Abstract Conceptualization
In comprehending an abstract concept as opposed to a concrete one, Aristotle says, “It must be apprehended, therefore, by a different power or by the same power in a different state. To sum up, in so far as the realities it knows are capable of being separated from their matter, so it is also with the powers of the mind” (On The Soul, Book III, Chapter 4).

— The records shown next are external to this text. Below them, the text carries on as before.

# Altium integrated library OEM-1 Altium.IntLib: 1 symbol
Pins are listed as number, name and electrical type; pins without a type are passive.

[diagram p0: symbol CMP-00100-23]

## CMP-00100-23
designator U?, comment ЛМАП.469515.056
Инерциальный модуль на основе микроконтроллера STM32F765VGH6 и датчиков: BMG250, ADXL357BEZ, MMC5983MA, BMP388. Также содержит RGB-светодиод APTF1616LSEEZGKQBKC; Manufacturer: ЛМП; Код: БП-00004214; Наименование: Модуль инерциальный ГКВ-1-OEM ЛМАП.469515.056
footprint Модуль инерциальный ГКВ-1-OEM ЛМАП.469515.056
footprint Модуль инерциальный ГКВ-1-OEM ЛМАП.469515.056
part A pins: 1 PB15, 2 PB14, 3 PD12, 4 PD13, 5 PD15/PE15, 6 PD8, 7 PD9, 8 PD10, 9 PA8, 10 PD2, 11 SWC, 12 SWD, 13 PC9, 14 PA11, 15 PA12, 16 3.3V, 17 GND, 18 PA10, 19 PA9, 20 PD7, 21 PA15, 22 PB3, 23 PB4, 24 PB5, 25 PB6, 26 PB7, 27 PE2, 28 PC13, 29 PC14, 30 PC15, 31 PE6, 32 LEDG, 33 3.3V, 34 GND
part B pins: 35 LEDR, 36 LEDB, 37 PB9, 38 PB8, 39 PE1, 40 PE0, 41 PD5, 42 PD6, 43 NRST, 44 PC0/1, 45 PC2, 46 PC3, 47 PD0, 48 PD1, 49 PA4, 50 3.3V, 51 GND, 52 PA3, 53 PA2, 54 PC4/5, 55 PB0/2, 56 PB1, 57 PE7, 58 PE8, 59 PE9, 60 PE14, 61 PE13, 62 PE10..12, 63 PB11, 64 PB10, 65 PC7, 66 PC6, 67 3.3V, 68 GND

This points out the symbolic processing capability of the mind. You are clearly capable of fitting the universe inside your head, and pinpointing your place in it to an arbitrary level of abstract complexity. CONTEXT! This theory of abstraction is later elaborated by Aristotle’s statement that “it is thus that the mind when it is thinking the objects of Mathematics thinks as separate elements which do not exist separately. In every case the mind which is actively thinking is the object which it thinks” (ibid, Chapter 7). Associations, in the Aristotelian sense, are context dependent. “But that which the mind thinks and the time in which it thinks are in this case divisible only incidentally and not as such. For in them too there is something indivisible (though, it may be, not insolvable) which gives unity to the time and the whole of length; and this is found equally in every continuum whether temporal or spatial” (ibid, Chapter 6). A model of cognition that does not contain a mechanism for maintaining this continuum of context falls short of human thinking abilities.